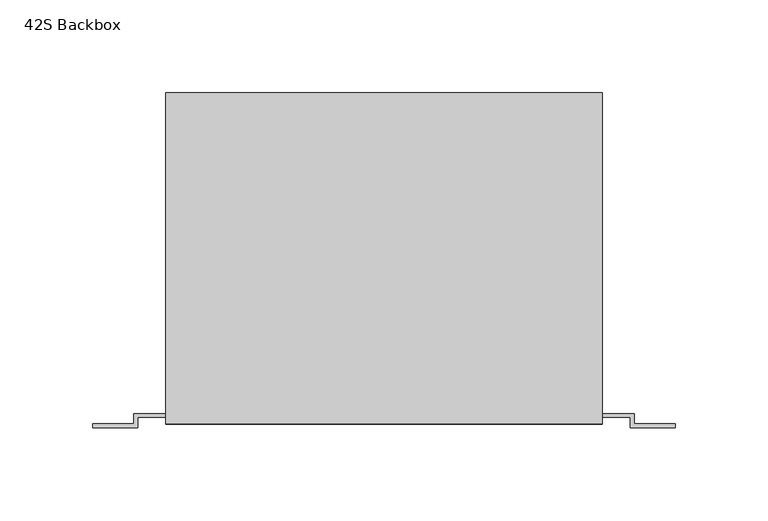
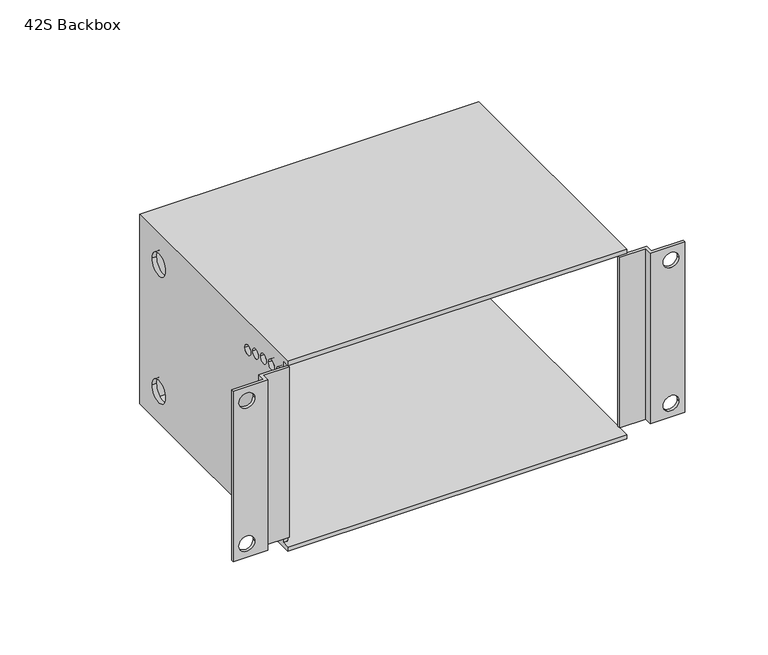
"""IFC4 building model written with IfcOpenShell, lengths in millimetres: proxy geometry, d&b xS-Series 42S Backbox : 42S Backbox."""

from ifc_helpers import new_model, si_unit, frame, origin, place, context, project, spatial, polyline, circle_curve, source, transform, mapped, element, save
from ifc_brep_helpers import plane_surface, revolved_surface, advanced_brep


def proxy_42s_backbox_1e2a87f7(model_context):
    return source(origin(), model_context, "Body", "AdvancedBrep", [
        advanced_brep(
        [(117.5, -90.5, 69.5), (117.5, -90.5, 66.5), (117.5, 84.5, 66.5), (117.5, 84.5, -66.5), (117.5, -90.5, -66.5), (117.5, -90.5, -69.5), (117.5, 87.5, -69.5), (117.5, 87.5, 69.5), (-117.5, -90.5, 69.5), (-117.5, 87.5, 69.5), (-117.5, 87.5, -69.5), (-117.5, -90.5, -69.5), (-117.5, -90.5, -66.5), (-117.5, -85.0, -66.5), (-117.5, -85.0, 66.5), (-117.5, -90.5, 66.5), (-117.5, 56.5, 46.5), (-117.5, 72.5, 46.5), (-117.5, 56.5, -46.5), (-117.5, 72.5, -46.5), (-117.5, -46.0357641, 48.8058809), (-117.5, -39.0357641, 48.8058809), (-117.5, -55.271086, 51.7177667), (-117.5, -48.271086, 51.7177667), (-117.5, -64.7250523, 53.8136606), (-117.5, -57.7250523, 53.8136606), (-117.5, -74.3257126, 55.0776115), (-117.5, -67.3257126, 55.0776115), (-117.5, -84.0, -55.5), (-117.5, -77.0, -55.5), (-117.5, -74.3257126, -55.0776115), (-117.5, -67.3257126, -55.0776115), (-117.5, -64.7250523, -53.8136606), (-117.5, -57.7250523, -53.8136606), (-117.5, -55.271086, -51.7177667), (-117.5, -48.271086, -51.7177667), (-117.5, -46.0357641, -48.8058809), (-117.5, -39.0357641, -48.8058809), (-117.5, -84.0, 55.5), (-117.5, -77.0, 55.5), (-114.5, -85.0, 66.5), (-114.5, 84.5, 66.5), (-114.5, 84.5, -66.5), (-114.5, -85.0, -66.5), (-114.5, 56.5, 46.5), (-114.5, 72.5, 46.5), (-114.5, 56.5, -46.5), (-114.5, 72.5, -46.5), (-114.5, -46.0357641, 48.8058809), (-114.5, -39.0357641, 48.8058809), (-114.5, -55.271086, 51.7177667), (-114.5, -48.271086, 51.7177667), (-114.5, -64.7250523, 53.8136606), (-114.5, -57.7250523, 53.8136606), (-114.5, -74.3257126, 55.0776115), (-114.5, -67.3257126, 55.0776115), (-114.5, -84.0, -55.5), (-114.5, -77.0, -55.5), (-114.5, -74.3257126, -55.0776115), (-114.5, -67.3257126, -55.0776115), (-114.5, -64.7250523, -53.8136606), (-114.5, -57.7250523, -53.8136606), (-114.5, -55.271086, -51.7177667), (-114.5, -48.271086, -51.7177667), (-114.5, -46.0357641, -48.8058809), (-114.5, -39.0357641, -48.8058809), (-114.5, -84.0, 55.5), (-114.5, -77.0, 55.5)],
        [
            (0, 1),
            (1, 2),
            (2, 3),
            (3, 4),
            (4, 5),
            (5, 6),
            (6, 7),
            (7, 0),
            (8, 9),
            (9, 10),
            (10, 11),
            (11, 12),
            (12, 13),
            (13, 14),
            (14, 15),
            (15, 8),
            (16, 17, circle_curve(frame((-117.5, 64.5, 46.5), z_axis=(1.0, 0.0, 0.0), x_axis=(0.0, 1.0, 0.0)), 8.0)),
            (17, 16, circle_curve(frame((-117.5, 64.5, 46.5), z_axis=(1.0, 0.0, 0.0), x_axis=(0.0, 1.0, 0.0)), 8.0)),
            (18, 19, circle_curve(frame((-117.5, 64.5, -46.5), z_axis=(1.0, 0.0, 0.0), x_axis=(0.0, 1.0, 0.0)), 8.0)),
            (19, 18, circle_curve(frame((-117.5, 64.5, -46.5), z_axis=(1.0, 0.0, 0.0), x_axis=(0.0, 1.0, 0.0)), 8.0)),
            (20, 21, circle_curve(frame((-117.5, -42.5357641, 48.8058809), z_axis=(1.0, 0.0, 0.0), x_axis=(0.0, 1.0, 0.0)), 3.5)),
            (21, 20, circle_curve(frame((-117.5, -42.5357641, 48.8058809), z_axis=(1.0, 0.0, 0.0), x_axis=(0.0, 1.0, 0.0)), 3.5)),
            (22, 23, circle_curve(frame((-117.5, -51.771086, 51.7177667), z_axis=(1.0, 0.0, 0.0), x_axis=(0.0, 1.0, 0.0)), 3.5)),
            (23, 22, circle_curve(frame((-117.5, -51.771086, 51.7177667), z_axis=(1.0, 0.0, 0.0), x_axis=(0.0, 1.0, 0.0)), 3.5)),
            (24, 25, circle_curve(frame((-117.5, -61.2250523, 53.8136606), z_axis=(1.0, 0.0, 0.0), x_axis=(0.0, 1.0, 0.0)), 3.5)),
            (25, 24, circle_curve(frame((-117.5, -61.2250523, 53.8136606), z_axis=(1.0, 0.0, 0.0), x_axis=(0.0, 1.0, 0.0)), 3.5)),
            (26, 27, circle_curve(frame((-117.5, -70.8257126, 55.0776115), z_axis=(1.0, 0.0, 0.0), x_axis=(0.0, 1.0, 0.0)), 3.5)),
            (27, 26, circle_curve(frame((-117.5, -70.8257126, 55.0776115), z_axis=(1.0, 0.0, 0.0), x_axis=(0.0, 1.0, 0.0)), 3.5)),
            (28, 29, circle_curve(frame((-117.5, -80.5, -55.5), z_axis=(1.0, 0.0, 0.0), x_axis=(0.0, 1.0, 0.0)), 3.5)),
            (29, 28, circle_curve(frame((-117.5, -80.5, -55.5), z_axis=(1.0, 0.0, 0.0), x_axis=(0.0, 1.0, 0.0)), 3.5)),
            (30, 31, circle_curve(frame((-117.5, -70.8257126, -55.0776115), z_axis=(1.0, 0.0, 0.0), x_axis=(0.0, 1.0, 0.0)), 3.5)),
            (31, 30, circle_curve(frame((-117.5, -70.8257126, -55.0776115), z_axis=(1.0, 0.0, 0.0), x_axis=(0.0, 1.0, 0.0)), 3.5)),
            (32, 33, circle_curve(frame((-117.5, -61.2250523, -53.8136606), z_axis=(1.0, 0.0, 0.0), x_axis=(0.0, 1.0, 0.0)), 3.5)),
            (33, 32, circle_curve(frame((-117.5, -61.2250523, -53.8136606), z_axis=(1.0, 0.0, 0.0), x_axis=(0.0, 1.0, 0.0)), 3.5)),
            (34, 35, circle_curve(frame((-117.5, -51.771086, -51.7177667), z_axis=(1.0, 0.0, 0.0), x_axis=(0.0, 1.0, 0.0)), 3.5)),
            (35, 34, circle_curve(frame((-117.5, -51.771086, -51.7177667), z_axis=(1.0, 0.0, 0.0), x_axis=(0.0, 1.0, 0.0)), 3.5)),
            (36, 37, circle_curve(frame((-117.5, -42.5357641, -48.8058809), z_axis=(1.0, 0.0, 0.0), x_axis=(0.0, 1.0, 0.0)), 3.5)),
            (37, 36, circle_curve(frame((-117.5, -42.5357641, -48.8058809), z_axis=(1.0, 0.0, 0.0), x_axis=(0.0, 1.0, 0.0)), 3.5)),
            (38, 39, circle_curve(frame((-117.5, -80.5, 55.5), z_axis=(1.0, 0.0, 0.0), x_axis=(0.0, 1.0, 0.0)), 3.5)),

AIM OF THE TASK: Above are the records; copy every line in them that holds the word "import".

OUTPUT FOR THIS EXERCISE:
from ifc_helpers import new_model, si_unit, frame, origin, place, context, project, spatial, polyline, circle_curve, source, transform, mapped, element, save
from ifc_brep_helpers import plane_surface, revolved_surface, advanced_brep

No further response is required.